Троцкий первый превратил эфир в поле политической битвы. На радиоволнах он схватился с мастером полемики Клемансо, изобличавшим и громившим большевиков. Тонкий писк морзянки разносил мысли и слова Льва Давидовича по всей Европе. Захваченная новой властью, мощная царскосельская станция поразила высотные антенны Эйфелевой башни. И Клемансо примолк, сраженный энергией, смелостью, образностью речи своего противника. Примолк потому, что Троцким стала заслушиваться вся Франция, его избиратели. А ведь это была всего лишь морзянка. Клемансо не довелось услышать живую речь Троцкого, его саркастический голос, которым он подкреплял убийственные аргументы.

Недаром Троцкий провел несколько лет в Вене, где под руководством Зигмунда Фрейда и его ученика Альфреда Адлера изучал психологию толпы. Он готовил себя в вожди, он знал, чего хочет. Как чуткий сейсмограф, он ощущал, как огромную, но не скрепленную внутренним единством Россию уже раскачивают волны революции. А там, где революция, там толпа, жаждущая вождя. Она непостоянна и неуверенна в себе, как ветреная женщина, и ей нужен кумир, хозяин.

Лев Давидович ждал своего часа. И дождался. Он гремел и разил наповал. Его приказы, как и его речи, были кратки, красочны, точны. Он не боялся крови. Чужой. Если, случалось, не действовали его речи, окружавшие его «братишки», балтийские матросы, влюбленные в Троцкого, пускали в ход пулеметы. Это был последний и самый веский аргумент, и действовал он всегда безотказно. Бегущие останавливались, колеблющиеся превращались в стойких бойцов. Толпа любит кнут, словно балованная лошадь, которая, брыкаясь и бросая повозку из стороны в сторону, подставляет круп под хлесткий удар бича, она хочет, чтобы ей помогли совладать с самой собой.

В девятнадцатом, во время неудачи под Свияжском Троцкий, не задумываясь, расстрелял нескольких красных командиров и комиссаров, которые проявили мягкотелость. Ленин, восхищенный решительностью своего ближайшего соратника, прислал ему написанный красными чернилами (на бланке Совнаркома, украшенном штемпелем) мандат: «Зная строгий характер распоряжений тов. Троцкого, я в абсолютной степени убежден в правильности, целесообразности и необходимости для пользы дела даваемого тов. Троцким распоряжения». И в конце от руки добавил, что и впредь будет ставить свою подпись под любым распоряжением Льва Давыдовича.

Это был триумф, который вознес Троцкого на высоту, с которой уже ничто не могло его свергнуть. И выше уже трудно было подняться. Выше Ленина? А зачем? Как военный руководитель страны, как вождь армии он и так был выше.
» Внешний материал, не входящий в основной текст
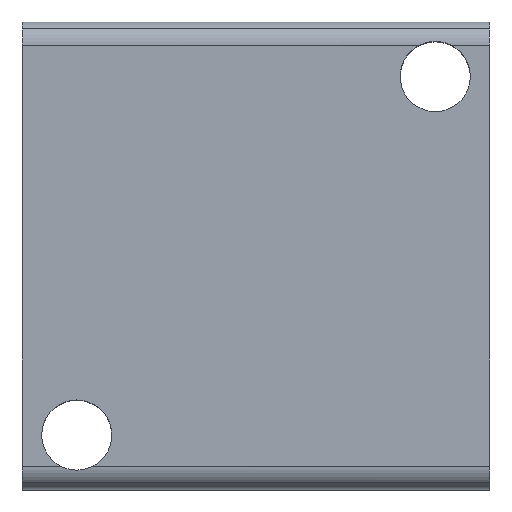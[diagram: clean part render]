
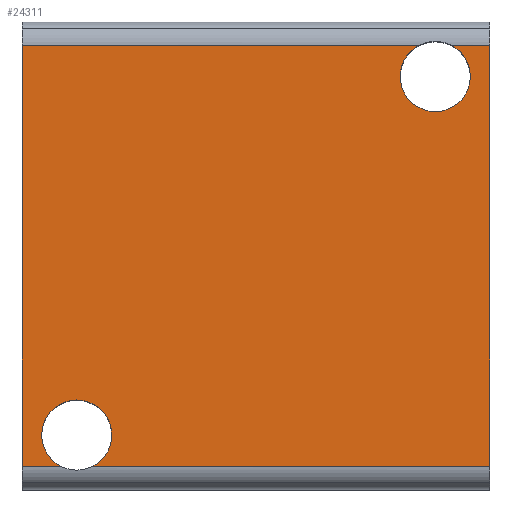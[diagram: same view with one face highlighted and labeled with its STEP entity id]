
A CAD part, top view. The second image highlights one B-rep face of the part: STEP entity #24311.
In plain terms, the highlighted planar face has unit normal (0, 0, 1).
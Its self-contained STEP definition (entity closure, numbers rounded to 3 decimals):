
#323=CARTESIAN_POINT('',(-24.75,-11.5,6.0));
#324=VERTEX_POINT('',#323);
#368=CARTESIAN_POINT('',(-29.25,-11.5,6.0));
#369=VERTEX_POINT('',#368);
#376=CARTESIAN_POINT('',(-28.031,-13.5,6.0));
#377=VERTEX_POINT('',#376);
#378=CARTESIAN_POINT('',(-27.,-11.5,6.0));
#379=DIRECTION('',(0.0,0.0,-1.0));
#380=DIRECTION('',(1.0,0.0,0.0));
#381=AXIS2_PLACEMENT_3D('',#378,#379,#380);
#382=CIRCLE('',#381,2.25);
#383=EDGE_CURVE('',#377,#369,#382,.T.);
#385=CARTESIAN_POINT('',(-25.969,-13.5,6.0));
#386=VERTEX_POINT('',#385);
#404=CARTESIAN_POINT('',(-27.,-11.5,6.0));
#405=DIRECTION('',(0.0,0.0,-1.0));
#406=DIRECTION('',(1.0,0.0,0.0));
#407=AXIS2_PLACEMENT_3D('',#404,#405,#406);
#408=CIRCLE('',#407,2.25);
#409=EDGE_CURVE('',#324,#386,#408,.T.);
#429=CARTESIAN_POINT('',(-0.5,-13.5,6.0));
#430=VERTEX_POINT('',#429);
#438=CARTESIAN_POINT('',(-0.5,-13.5,6.0));
#439=DIRECTION('',(-1.0,0.0,0.0));
#440=VECTOR('',#439,25.469);
#441=LINE('',#438,#440);
#442=EDGE_CURVE('',#430,#386,#441,.T.);
#445=CARTESIAN_POINT('',(-30.5,-13.5,6.0));
#446=VERTEX_POINT('',#445);
#447=CARTESIAN_POINT('',(-28.031,-13.5,6.0));
#448=DIRECTION('',(-1.0,0.0,0.0));
#449=VECTOR('',#448,2.469);
#450=LINE('',#447,#449);
#451=EDGE_CURVE('',#377,#446,#450,.T.);
#519=CARTESIAN_POINT('',(-1.75,11.5,6.0));
#520=VERTEX_POINT('',#519);
#536=CARTESIAN_POINT('',(-6.25,11.5,6.0));
#537=VERTEX_POINT('',#536);
#544=CARTESIAN_POINT('',(-4.,11.5,6.0));
#545=DIRECTION('',(0.0,0.0,-1.0));
#546=DIRECTION('',(1.0,0.0,0.0));
#547=AXIS2_PLACEMENT_3D('',#544,#545,#546);
#548=CIRCLE('',#547,2.25);
#549=EDGE_CURVE('',#520,#537,#548,.T.);
#638=CARTESIAN_POINT('',(-30.5,13.5,6.0));
#639=VERTEX_POINT('',#638);
#647=CARTESIAN_POINT('',(-5.031,13.5,6.0));
#648=VERTEX_POINT('',#647);
#649=CARTESIAN_POINT('',(-30.5,13.5,6.0));
#650=DIRECTION('',(1.0,0.0,0.0));
#651=VECTOR('',#650,25.469);
#652=LINE('',#649,#651);
#653=EDGE_CURVE('',#639,#648,#652,.T.);
#655=CARTESIAN_POINT('',(-2.969,13.5,6.0));
#656=VERTEX_POINT('',#655);
#674=CARTESIAN_POINT('',(-0.5,13.5,6.0));
#675=VERTEX_POINT('',#674);
#676=CARTESIAN_POINT('',(-2.969,13.5,6.0));
#677=DIRECTION('',(1.0,0.0,0.0));
#678=VECTOR('',#677,2.469);
#679=LINE('',#676,#678);
#680=EDGE_CURVE('',#656,#675,#679,.T.);
#23963=CARTESIAN_POINT('',(-30.5,-13.5,6.0));
#23964=DIRECTION('',(0.0,1.0,0.0));
#23965=VECTOR('',#23964,27.0);
#23966=LINE('',#23963,#23965);
#23967=EDGE_CURVE('',#446,#639,#23966,.T.);
#24019=CARTESIAN_POINT('',(-0.5,13.5,6.0));
#24020=DIRECTION('',(0.0,-1.0,0.0));
#24021=VECTOR('',#24020,27.0);
#24022=LINE('',#24019,#24021);
#24023=EDGE_CURVE('',#675,#430,#24022,.T.);
#24134=CARTESIAN_POINT('',(-4.,11.5,6.0));
#24135=DIRECTION('',(0.0,0.0,-1.0));
#24136=DIRECTION('',(1.0,0.0,0.0));
#24137=AXIS2_PLACEMENT_3D('',#24134,#24135,#24136);
#24138=CIRCLE('',#24137,2.25);
#24139=EDGE_CURVE('',#656,#520,#24138,.T.);
#24142=CARTESIAN_POINT('',(-4.,11.5,6.0));
#24143=DIRECTION('',(0.0,0.0,-1.0));
#24144=DIRECTION('',(1.0,0.0,0.0));
#24145=AXIS2_PLACEMENT_3D('',#24142,#24143,#24144);
#24146=CIRCLE('',#24145,2.25);
#24147=EDGE_CURVE('',#537,#648,#24146,.T.);
#24216=CARTESIAN_POINT('',(-27.,-11.5,6.0));
#24217=DIRECTION('',(0.0,0.0,-1.0));
#24218=DIRECTION('',(1.0,0.0,0.0));
#24219=AXIS2_PLACEMENT_3D('',#24216,#24217,#24218);
#24220=CIRCLE('',#24219,2.25);
#24221=EDGE_CURVE('',#369,#324,#24220,.T.);
#24292=CARTESIAN_POINT('',(0.,0.,6.0));
#24293=DIRECTION('',(0.0,0.0,1.0));
#24294=DIRECTION('',(1.0,0.0,0.0));
#24295=AXIS2_PLACEMENT_3D('',#24292,#24293,#24294);
#24296=PLANE('',#24295);
#24297=ORIENTED_EDGE('',*,*,#653,.F.);
#24298=ORIENTED_EDGE('',*,*,#23967,.F.);
#24299=ORIENTED_EDGE('',*,*,#451,.F.);
#24300=ORIENTED_EDGE('',*,*,#383,.T.);
#24301=ORIENTED_EDGE('',*,*,#24221,.T.);
#24302=ORIENTED_EDGE('',*,*,#409,.T.);
#24303=ORIENTED_EDGE('',*,*,#442,.F.);
#24304=ORIENTED_EDGE('',*,*,#24023,.F.);
#24305=ORIENTED_EDGE('',*,*,#680,.F.);
#24306=ORIENTED_EDGE('',*,*,#24139,.T.);
#24307=ORIENTED_EDGE('',*,*,#549,.T.);
#24308=ORIENTED_EDGE('',*,*,#24147,.T.);
#24309=EDGE_LOOP('',(#24297,#24298,#24299,#24300,#24301,#24302,#24303,#24304,#24305,#24306,#24307,#24308));
#24310=FACE_OUTER_BOUND('',#24309,.T.);
#24311=ADVANCED_FACE('',(#24310),#24296,.T.);

…За окном вагона пыхтят паровозы, горит яркий свет. Троцкий пишет очередную статью, призывающую к решительному бою за Варшаву. Тонкие, костлявые пальцы устают. Он отбрасывает вечное перо и вызывает стенографов, своих верных помощников Глазмана и Сермукса. Те тотчас входят, словно ждали его за дверью.

— А на небе-то что творится, Лев Давыдыч! Прямо фейерверк какой-то! — снимая шинель, восхищенно произносит Глазман.

— Стреляют?

— Да нет. Звезды. Никогда раньше такого не видел. По всему небу. Туда-сюда. Кра-асиво-о!

— Звезды? — переспросил Троцкий и сухо добавил: — Ну да. Август, — и без передышки, словно боясь потерять основную мысль статьи, сразу же начал диктовать.

Сермукс торопливо схватился за карандаш.

Лев Давыдович умеет говорить так, что слова тут же, без всяких заиканий, четко ложатся на бумагу.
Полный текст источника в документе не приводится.